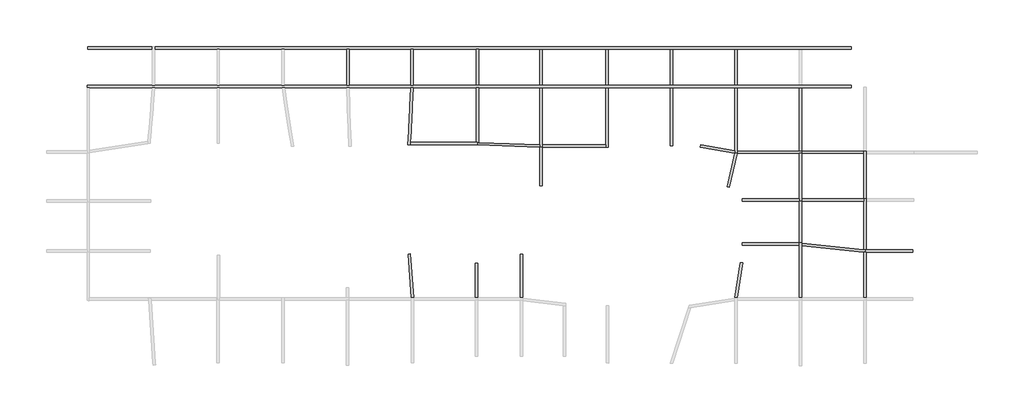
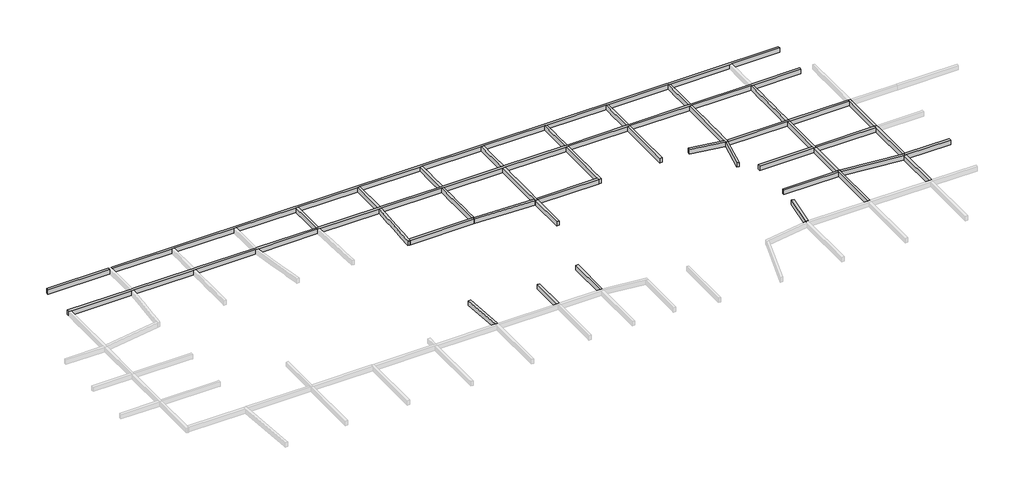
# One storey, part 7 of 8: 39 beams.
"""IFC4 building model written with IfcOpenShell, lengths in millimetres."""

from ifc_helpers import new_model, si_unit, frame, origin, place, context, project, spatial, polyline, outline, extrude, faceted_brep, element, save

model = new_model("IFC4")

# Units and contexts
model_context = context("Model", 3, world=origin())
ifc_project = project(units=[si_unit("LENGTHUNIT", "METRE", prefix="MILLI")], contexts=[model_context])

# Site, building, storey
site = spatial("IfcSite", under=ifc_project)
building = spatial("IfcBuilding", under=site)
storey = spatial("IfcBuildingStorey", under=building, Name="层高", Elevation=3300.0)

# Beams
placement = place(None, origin())
element("IfcBeam", 1, ObjectType="混凝土 - 矩形梁 : KL_beam", at=placement, inside=storey, context=model_context, shape_type="Brep", body=[
    faceted_brep([(155358.8476291, 153267.0451916, 3300.0), (155358.8476291, 152967.0451916, 3300.0), (155358.8476291, 152967.0451916, 2700.0), (155358.8476291, 153267.0451916, 2700.0), (149303.4366403, 153267.0451916, 3300.0), (149003.4366403, 153267.0451916, 3300.0), (141483.4366403, 153267.0451916, 3300.0), (141183.4366403, 153267.0451916, 3300.0), (133582.6046447, 153267.0451916, 3300.0), (133282.6046447, 153267.0451916, 3300.0), (125742.6046447, 153267.0451916, 3300.0), (125442.6046447, 153267.0451916, 3300.0), (117673.8474258, 153267.0451916, 3300.0), (117373.8474258, 153267.0451916, 3300.0), (109888.82396, 153267.0451916, 3300.0), (109588.82396, 153267.0451916, 3300.0), (101942.8755148, 153267.0451916, 3300.0), (101642.8755148, 153267.0451916, 3300.0), (94082.8755148, 153267.0451916, 3300.0), (93782.8755148, 153267.0451916, 3300.0), (86192.7452463, 153267.0451916, 3300.0), (85892.7452463, 153267.0451916, 3300.0), (78272.7452463, 153267.0451916, 3300.0), (77972.7452463, 153267.0451916, 3300.0), (70393.6976621, 153267.0451916, 3300.0), (70093.6976621, 153267.0451916, 3300.0), (62108.8476291, 153267.0451916, 3300.0), (62108.8476291, 152967.0451916, 3300.0), (62408.8476291, 152967.0451916, 3300.0), (70080.7837355, 152967.0451916, 3300.0), (70381.8074018, 152967.0451916, 3300.0), (77972.7452463, 152967.0451916, 3300.0), (78272.7452463, 152967.0451916, 3300.0), (85914.6331434, 152967.0451916, 3300.0), (86218.3726812, 152967.0451916, 3300.0), (93788.0221985, 152967.0451916, 3300.0), (94088.2050618, 152967.0451916, 3300.0), (101634.6906967, 152967.0451916, 3300.0), (101935.1141966, 152967.0451916, 3300.0), (109588.82396, 152967.0451916, 3300.0), (109888.82396, 152967.0451916, 3300.0), (117373.8474258, 152967.0451916, 3300.0), (117673.8474258, 152967.0451916, 3300.0), (125442.6046447, 152967.0451916, 3300.0), (125742.6046447, 152967.0451916, 3300.0), (133282.6046447, 152967.0451916, 3300.0), (133582.6046447, 152967.0451916, 3300.0), (141183.4366403, 152967.0451916, 3300.0), (141483.4366403, 152967.0451916, 3300.0), (149003.4366403, 152967.0451916, 3300.0), (149303.4366403, 152967.0451916, 3300.0), (62108.8476291, 152967.0451916, 2700.0), (62408.8476291, 152967.0451916, 2700.0), (70080.7837355, 152967.0451916, 2700.0), (70381.8074018, 152967.0451916, 2700.0), (77972.7452463, 152967.0451916, 2700.0), (78272.7452463, 152967.0451916, 2700.0), (85914.6331434, 152967.0451916, 2700.0), (86218.3726812, 152967.0451916, 2700.0), (93788.0221985, 152967.0451916, 2700.0), (94088.2050618, 152967.0451916, 2700.0), (101634.6906967, 152967.0451916, 2700.0), (101935.1141966, 152967.0451916, 2700.0), (109588.82396, 152967.0451916, 2700.0), (109888.82396, 152967.0451916, 2700.0), (117373.8474258, 152967.0451916, 2700.0), (117673.8474258, 152967.0451916, 2700.0), (125442.6046447, 152967.0451916, 2700.0), (125742.6046447, 152967.0451916, 2700.0), (133282.6046447, 152967.0451916, 2700.0), (133582.6046447, 152967.0451916, 2700.0), (141183.4366403, 152967.0451916, 2700.0), (141483.4366403, 152967.0451916, 2700.0), (149003.4366403, 152967.0451916, 2700.0), (149303.4366403, 152967.0451916, 2700.0), (62108.8476291, 153267.0451916, 2700.0), (70093.6976621, 153267.0451916, 2700.0), (70393.6976621, 153267.0451916, 2700.0), (77972.7452463, 153267.0451916, 2700.0), (78272.7452463, 153267.0451916, 2700.0), (85892.7452463, 153267.0451916, 2700.0), (86192.7452463, 153267.0451916, 2700.0), (93782.8755148, 153267.0451916, 2700.0), (94082.8755148, 153267.0451916, 2700.0), (101642.8755148, 153267.0451916, 2700.0), (101942.8755148, 153267.0451916, 2700.0), (109588.82396, 153267.0451916, 2700.0), (109888.82396, 153267.0451916, 2700.0), (117373.8474258, 153267.0451916, 2700.0), (117673.8474258, 153267.0451916, 2700.0), (125442.6046447, 153267.0451916, 2700.0), (125742.6046447, 153267.0451916, 2700.0), (133282.6046447, 153267.0451916, 2700.0), (133582.6046447, 153267.0451916, 2700.0), (141183.4366403, 153267.0451916, 2700.0), (141483.4366403, 153267.0451916, 2700.0), (149003.4366403, 153267.0451916, 2700.0), (149303.4366403, 153267.0451916, 2700.0)], [[[0, 1, 2, 3]], [[1, 0, 4, 5, 6, 7, 8, 9, 10, 11, 12, 13, 14, 15, 16, 17, 18, 19, 20, 21, 22, 23, 24, 25, 26, 27, 28, 29, 30, 31, 32, 33, 34, 35, 36, 37, 38, 39, 40, 41, 42, 43, 44, 45, 46, 47, 48, 49, 50]], [[2, 1, 50, 49, 48, 47, 46, 45, 44, 43, 42, 41, 40, 39, 38, 37, 36, 35, 34, 33, 32, 31, 30, 29, 28, 27, 51, 52, 53, 54, 55, 56, 57, 58, 59, 60, 61, 62, 63, 64, 65, 66, 67, 68, 69, 70, 71, 72, 73, 74]], [[3, 2, 74, 73, 72, 71, 70, 69, 68, 67, 66, 65, 64, 63, 62, 61, 60, 59, 58, 57, 56, 55, 54, 53, 52, 51, 75, 76, 77, 78, 79, 80, 81, 82, 83, 84, 85, 86, 87, 88, 89, 90, 91, 92, 93, 94, 95, 96, 97]], [[0, 3, 97, 96, 95, 94, 93, 92, 91, 90, 89, 88, 87, 86, 85, 84, 83, 82, 81, 80, 79, 78, 77, 76, 75, 26, 25, 24, 23, 22, 21, 20, 19, 18, 17, 16, 15, 14, 13, 12, 11, 10, 9, 8, 7, 6, 5, 4]], [[27, 26, 75, 51]]]),
])
element("IfcBeam", 2, ObjectType="混凝土 - 矩形梁 : KL_beam", at=placement, inside=storey, context=model_context, shape_type="Brep", body=[
    faceted_brep([(155398.8476291, 158006.8472847, 3300.0), (155398.8476291, 157706.8472847, 3300.0), (155398.8476291, 157706.8472847, 2700.0), (155398.8476291, 158006.8472847, 2700.0), (70393.6976621, 158006.8472847, 3300.0), (70393.6976621, 157706.8472847, 3300.0), (77972.7452463, 157706.8472847, 3300.0), (78272.7452463, 157706.8472847, 3300.0), (85892.7452463, 157706.8472847, 3300.0), (86192.7452463, 157706.8472847, 3300.0), (93782.8755148, 157706.8472847, 3300.0), (94082.8755148, 157706.8472847, 3300.0), (101642.8755148, 157706.8472847, 3300.0), (101942.8755148, 157706.8472847, 3300.0), (109588.82396, 157706.8472847, 3300.0), (109888.82396, 157706.8472847, 3300.0), (117373.8474258, 157706.8472847, 3300.0), (117673.8474258, 157706.8472847, 3300.0), (125442.6046447, 157706.8472847, 3300.0), (125742.6046447, 157706.8472847, 3300.0), (133282.6046447, 157706.8472847, 3300.0), (133582.6046447, 157706.8472847, 3300.0), (141183.4366403, 157706.8472847, 3300.0), (141483.4366403, 157706.8472847, 3300.0), (149003.4366403, 157706.8472847, 3300.0), (149303.4366403, 157706.8472847, 3300.0), (70393.6976621, 157706.8472847, 2700.0), (77972.7452463, 157706.8472847, 2700.0), (78272.7452463, 157706.8472847, 2700.0), (85892.7452463, 157706.8472847, 2700.0), (86192.7452463, 157706.8472847, 2700.0), (93782.8755148, 157706.8472847, 2700.0), (94082.8755148, 157706.8472847, 2700.0), (101642.8755148, 157706.8472847, 2700.0), (101942.8755148, 157706.8472847, 2700.0), (109588.82396, 157706.8472847, 2700.0), (109888.82396, 157706.8472847, 2700.0), (117373.8474258, 157706.8472847, 2700.0), (117673.8474258, 157706.8472847, 2700.0), (125442.6046447, 157706.8472847, 2700.0), (125742.6046447, 157706.8472847, 2700.0), (133282.6046447, 157706.8472847, 2700.0), (133582.6046447, 157706.8472847, 2700.0), (141183.4366403, 157706.8472847, 2700.0), (141483.4366403, 157706.8472847, 2700.0), (149003.4366403, 157706.8472847, 2700.0), (149303.4366403, 157706.8472847, 2700.0), (70393.6976621, 158006.8472847, 2700.0)], [[[0, 1, 2, 3]], [[1, 0, 4, 5, 6, 7, 8, 9, 10, 11, 12, 13, 14, 15, 16, 17, 18, 19, 20, 21, 22, 23, 24, 25]], [[2, 1, 25, 24, 23, 22, 21, 20, 19, 18, 17, 16, 15, 14, 13, 12, 11, 10, 9, 8, 7, 6, 5, 26, 27, 28, 29, 30, 31, 32, 33, 34, 35, 36, 37, 38, 39, 40, 41, 42, 43, 44, 45, 46]], [[3, 2, 46, 45, 44, 43, 42, 41, 40, 39, 38, 37, 36, 35, 34, 33, 32, 31, 30, 29, 28, 27, 26, 47]], [[0, 3, 47, 4]], [[5, 4, 47, 26]]]),
    faceted_brep([(62198.8476291, 158006.8472847, 3300.0), (62198.8476291, 158006.8472847, 2700.0), (62198.8476291, 157706.8472847, 2700.0), (62198.8476291, 157706.8472847, 3300.0), (70093.6976621, 158006.8472847, 3300.0), (70093.6976621, 157706.8472847, 3300.0), (70093.6976621, 157706.8472847, 2700.0), (70093.6976621, 158006.8472847, 2700.0)], [[[0, 1, 2, 3]], [[4, 5, 6, 7]], [[0, 3, 5, 4]], [[3, 2, 6, 5]], [[2, 1, 7, 6]], [[1, 0, 4, 7]]]),
])
element("IfcBeam", 3, ObjectType="混凝土 - 矩形梁 : KL_beam", at=placement, inside=storey, context=model_context, shape_type="Brep", body=[
    faceted_brep([(93782.8755148, 153267.0451916, 3300.0), (94082.8755148, 153267.0451916, 3300.0), (94082.8755148, 155366.9462381, 3300.0), (94082.8755148, 155766.9462381, 3300.0), (94082.8755148, 157706.8472847, 3300.0), (93782.8755148, 157706.8472847, 3300.0), (93782.8755148, 155766.9462381, 3300.0), (93782.8755148, 155366.9462381, 3300.0), (93782.8755148, 153267.0451916, 2700.0), (93782.8755148, 157706.8472847, 2700.0), (93782.8755148, 155766.9462381, 2700.0), (93782.8755148, 155366.9462381, 2700.0), (94082.8755148, 153267.0451916, 2700.0), (94082.8755148, 157706.8472847, 2700.0), (94082.8755148, 155766.9462381, 2700.0), (94082.8755148, 155366.9462381, 2700.0)], [[[0, 1, 2, 3, 4, 5, 6, 7]], [[8, 0, 7, 6, 5, 9, 10, 11]], [[12, 8, 11, 10, 9, 13, 14, 15]], [[1, 12, 15, 14, 13, 4, 3, 2]], [[1, 0, 8, 12]], [[5, 4, 13, 9]]]),
])
element("IfcBeam", 4, ObjectType="混凝土 - 矩形梁 : KL_beam", at=placement, inside=storey, context=model_context, shape_type="Brep", body=[
    faceted_brep([(101642.8755148, 153267.0451916, 3300.0), (101942.8755148, 153267.0451916, 3300.0), (101942.8755148, 155366.9462381, 3300.0), (101942.8755148, 155766.9462381, 3300.0), (101942.8755148, 157706.8472847, 3300.0), (101642.8755148, 157706.8472847, 3300.0), (101642.8755148, 155766.9462381, 3300.0), (101642.8755148, 155366.9462381, 3300.0), (101642.8755148, 153267.0451916, 2700.0), (101642.8755148, 157706.8472847, 2700.0), (101642.8755148, 155766.9462381, 2700.0), (101642.8755148, 155366.9462381, 2700.0), (101942.8755148, 153267.0451916, 2700.0), (101942.8755148, 157706.8472847, 2700.0), (101942.8755148, 155766.9462381, 2700.0), (101942.8755148, 155366.9462381, 2700.0)], [[[0, 1, 2, 3, 4, 5, 6, 7]], [[8, 0, 7, 6, 5, 9, 10, 11]], [[12, 8, 11, 10, 9, 13, 14, 15]], [[1, 12, 15, 14, 13, 4, 3, 2]], [[1, 0, 8, 12]], [[5, 4, 13, 9]]]),
])
element("IfcBeam", 5, ObjectType="混凝土 - 矩形梁 : KL_beam", at=placement, inside=storey, context=model_context, shape_type="Brep", body=[
    faceted_brep([(109588.82396, 153267.0451916, 3300.0), (109888.82396, 153267.0451916, 3300.0), (109888.82396, 155366.9462381, 3300.0), (109888.82396, 155766.9462381, 3300.0), (109888.82396, 157706.8472847, 3300.0), (109588.82396, 157706.8472847, 3300.0), (109588.82396, 155766.9462381, 3300.0), (109588.82396, 155366.9462381, 3300.0), (109588.82396, 153267.0451916, 2700.0), (109588.82396, 157706.8472847, 2700.0), (109588.82396, 155766.9462381, 2700.0), (109588.82396, 155366.9462381, 2700.0), (109888.82396, 153267.0451916, 2700.0), (109888.82396, 157706.8472847, 2700.0), (109888.82396, 155766.9462381, 2700.0), (109888.82396, 155366.9462381, 2700.0)], [[[0, 1, 2, 3, 4, 5, 6, 7]], [[8, 0, 7, 6, 5, 9, 10, 11]], [[12, 8, 11, 10, 9, 13, 14, 15]], [[1, 12, 15, 14, 13, 4, 3, 2]], [[1, 0, 8, 12]], [[5, 4, 13, 9]]]),
])
element("IfcBeam", 6, ObjectType="混凝土 - 矩形梁 : KL_beam", at=placement, inside=storey, context=model_context, shape_type="Brep", body=[
    faceted_brep([(117373.8474258, 153267.0451916, 3300.0), (117673.8474258, 153267.0451916, 3300.0), (117673.8474258, 155366.9462381, 3300.0), (117673.8474258, 155766.9462381, 3300.0), (117673.8474258, 157706.8472847, 3300.0), (117373.8474258, 157706.8472847, 3300.0), (117373.8474258, 155766.9462381, 3300.0), (117373.8474258, 155366.9462381, 3300.0), (117373.8474258, 153267.0451916, 2700.0), (117373.8474258, 157706.8472847, 2700.0), (117373.8474258, 155766.9462381, 2700.0), (117373.8474258, 155366.9462381, 2700.0), (117673.8474258, 153267.0451916, 2700.0), (117673.8474258, 157706.8472847, 2700.0), (117673.8474258, 155766.9462381, 2700.0), (117673.8474258, 155366.9462381, 2700.0)], [[[0, 1, 2, 3, 4, 5, 6, 7]], [[8, 0, 7, 6, 5, 9, 10, 11]], [[12, 8, 11, 10, 9, 13, 14, 15]], [[1, 12, 15, 14, 13, 4, 3, 2]], [[1, 0, 8, 12]], [[5, 4, 13, 9]]]),
])
element("IfcBeam", 7, ObjectType="混凝土 - 矩形梁 : KL_beam", at=placement, inside=storey, context=model_context, shape_type="Brep", body=[
    faceted_brep([(125442.6046447, 153267.0451916, 3300.0), (125742.6046447, 153267.0451916, 3300.0), (125742.6046447, 155366.9462381, 3300.0), (125742.6046447, 155766.9462381, 3300.0), (125742.6046447, 157706.8472847, 3300.0), (125442.6046447, 157706.8472847, 3300.0), (125442.6046447, 155766.9462381, 3300.0), (125442.6046447, 155366.9462381, 3300.0), (125442.6046447, 153267.0451916, 2700.0), (125442.6046447, 157706.8472847, 2700.0), (125442.6046447, 155766.9462381, 2700.0), (125442.6046447, 155366.9462381, 2700.0), (125742.6046447, 153267.0451916, 2700.0), (125742.6046447, 157706.8472847, 2700.0), (125742.6046447, 155766.9462381, 2700.0), (125742.6046447, 155366.9462381, 2700.0)], [[[0, 1, 2, 3, 4, 5, 6, 7]], [[8, 0, 7, 6, 5, 9, 10, 11]], [[12, 8, 11, 10, 9, 13, 14, 15]], [[1, 12, 15, 14, 13, 4, 3, 2]], [[1, 0, 8, 12]], [[5, 4, 13, 9]]]),
])
element("IfcBeam", 8, ObjectType="混凝土 - 矩形梁 : KL_beam", at=placement, inside=storey, context=model_context, shape_type="Brep", body=[
    faceted_brep([(133282.6046447, 153267.0451916, 3300.0), (133582.6046447, 153267.0451916, 3300.0), (133582.6046447, 155366.9462381, 3300.0), (133582.6046447, 155766.9462381, 3300.0), (133582.6046447, 157706.8472847, 3300.0), (133282.6046447, 157706.8472847, 3300.0), (133282.6046447, 155766.9462381, 3300.0), (133282.6046447, 155366.9462381, 3300.0), (133282.6046447, 153267.0451916, 2700.0), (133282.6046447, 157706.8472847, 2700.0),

--------------------

**To do:** Return only the lines of the records in which the string "placement" appears.

**Result for this exercise:**
placement = place(None, origin())
element("IfcBeam", 1, ObjectType="混凝土 - 矩形梁 : KL_beam", at=placement, inside=storey, context=model_context, shape_type="Brep", body=[
element("IfcBeam", 2, ObjectType="混凝土 - 矩形梁 : KL_beam", at=placement, inside=storey, context=model_context, shape_type="Brep", body=[
element("IfcBeam", 3, ObjectType="混凝土 - 矩形梁 : KL_beam", at=placement, inside=storey, context=model_context, shape_type="Brep", body=[
element("IfcBeam", 4, ObjectType="混凝土 - 矩形梁 : KL_beam", at=placement, inside=storey, context=model_context, shape_type="Brep", body=[
element("IfcBeam", 5, ObjectType="混凝土 - 矩形梁 : KL_beam", at=placement, inside=storey, context=model_context, shape_type="Brep", body=[
element("IfcBeam", 6, ObjectType="混凝土 - 矩形梁 : KL_beam", at=placement, inside=storey, context=model_context, shape_type="Brep", body=[
element("IfcBeam", 7, ObjectType="混凝土 - 矩形梁 : KL_beam", at=placement, inside=storey, context=model_context, shape_type="Brep", body=[
element("IfcBeam", 8, ObjectType="混凝土 - 矩形梁 : KL_beam", at=placement, inside=storey, context=model_context, shape_type="Brep", body=[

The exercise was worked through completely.